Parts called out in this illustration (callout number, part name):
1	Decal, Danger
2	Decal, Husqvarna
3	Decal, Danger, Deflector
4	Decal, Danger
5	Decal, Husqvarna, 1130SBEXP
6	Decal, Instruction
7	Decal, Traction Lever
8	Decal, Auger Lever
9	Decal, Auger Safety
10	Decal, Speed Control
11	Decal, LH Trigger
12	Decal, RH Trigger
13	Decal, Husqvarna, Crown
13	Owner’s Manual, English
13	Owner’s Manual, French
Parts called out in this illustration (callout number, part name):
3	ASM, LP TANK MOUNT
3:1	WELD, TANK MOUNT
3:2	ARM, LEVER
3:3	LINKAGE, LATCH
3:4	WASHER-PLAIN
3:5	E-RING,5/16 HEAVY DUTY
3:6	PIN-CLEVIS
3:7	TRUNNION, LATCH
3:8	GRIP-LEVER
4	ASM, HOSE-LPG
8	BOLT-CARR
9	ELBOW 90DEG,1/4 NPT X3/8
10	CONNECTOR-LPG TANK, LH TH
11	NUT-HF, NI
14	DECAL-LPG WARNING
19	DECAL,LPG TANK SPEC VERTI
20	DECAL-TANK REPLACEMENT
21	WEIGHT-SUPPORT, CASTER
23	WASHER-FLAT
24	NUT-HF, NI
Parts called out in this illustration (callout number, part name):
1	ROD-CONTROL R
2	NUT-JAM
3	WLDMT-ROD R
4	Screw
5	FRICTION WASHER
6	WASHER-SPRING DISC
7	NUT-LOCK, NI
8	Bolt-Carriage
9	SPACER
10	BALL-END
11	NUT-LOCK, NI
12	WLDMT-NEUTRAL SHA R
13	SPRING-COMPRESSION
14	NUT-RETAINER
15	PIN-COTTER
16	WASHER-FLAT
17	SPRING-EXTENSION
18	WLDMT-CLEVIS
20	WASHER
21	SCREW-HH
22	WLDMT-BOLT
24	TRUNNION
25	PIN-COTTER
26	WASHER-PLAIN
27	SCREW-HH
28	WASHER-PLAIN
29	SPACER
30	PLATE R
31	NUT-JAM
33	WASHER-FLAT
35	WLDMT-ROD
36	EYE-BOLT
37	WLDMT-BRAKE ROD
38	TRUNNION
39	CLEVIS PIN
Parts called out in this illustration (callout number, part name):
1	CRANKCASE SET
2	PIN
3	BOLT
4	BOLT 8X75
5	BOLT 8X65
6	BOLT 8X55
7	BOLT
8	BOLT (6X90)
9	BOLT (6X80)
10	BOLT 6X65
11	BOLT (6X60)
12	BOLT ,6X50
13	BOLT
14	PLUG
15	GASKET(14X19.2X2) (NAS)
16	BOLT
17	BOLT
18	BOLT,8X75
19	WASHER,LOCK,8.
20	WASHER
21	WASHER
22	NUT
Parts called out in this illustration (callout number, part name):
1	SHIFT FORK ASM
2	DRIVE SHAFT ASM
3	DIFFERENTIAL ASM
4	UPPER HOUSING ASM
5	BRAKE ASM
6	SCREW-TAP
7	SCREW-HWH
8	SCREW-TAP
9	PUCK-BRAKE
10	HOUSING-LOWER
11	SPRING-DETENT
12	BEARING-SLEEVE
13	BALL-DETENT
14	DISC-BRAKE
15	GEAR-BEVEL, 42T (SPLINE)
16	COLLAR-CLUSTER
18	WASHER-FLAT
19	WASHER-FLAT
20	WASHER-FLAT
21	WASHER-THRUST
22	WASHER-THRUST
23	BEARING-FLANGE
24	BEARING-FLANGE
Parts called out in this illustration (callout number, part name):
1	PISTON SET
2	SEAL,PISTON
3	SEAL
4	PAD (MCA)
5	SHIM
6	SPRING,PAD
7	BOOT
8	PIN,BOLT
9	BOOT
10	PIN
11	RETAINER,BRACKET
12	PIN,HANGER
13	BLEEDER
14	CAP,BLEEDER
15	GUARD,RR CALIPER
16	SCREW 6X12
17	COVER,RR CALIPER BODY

• [What to work on]
For the string "WLDMT", return every line of the data where it appears.

• [Exercise response]
3	WLDMT-ROD R
12	WLDMT-NEUTRAL SHA R
18	WLDMT-CLEVIS
22	WLDMT-BOLT
35	WLDMT-ROD
37	WLDMT-BRAKE ROD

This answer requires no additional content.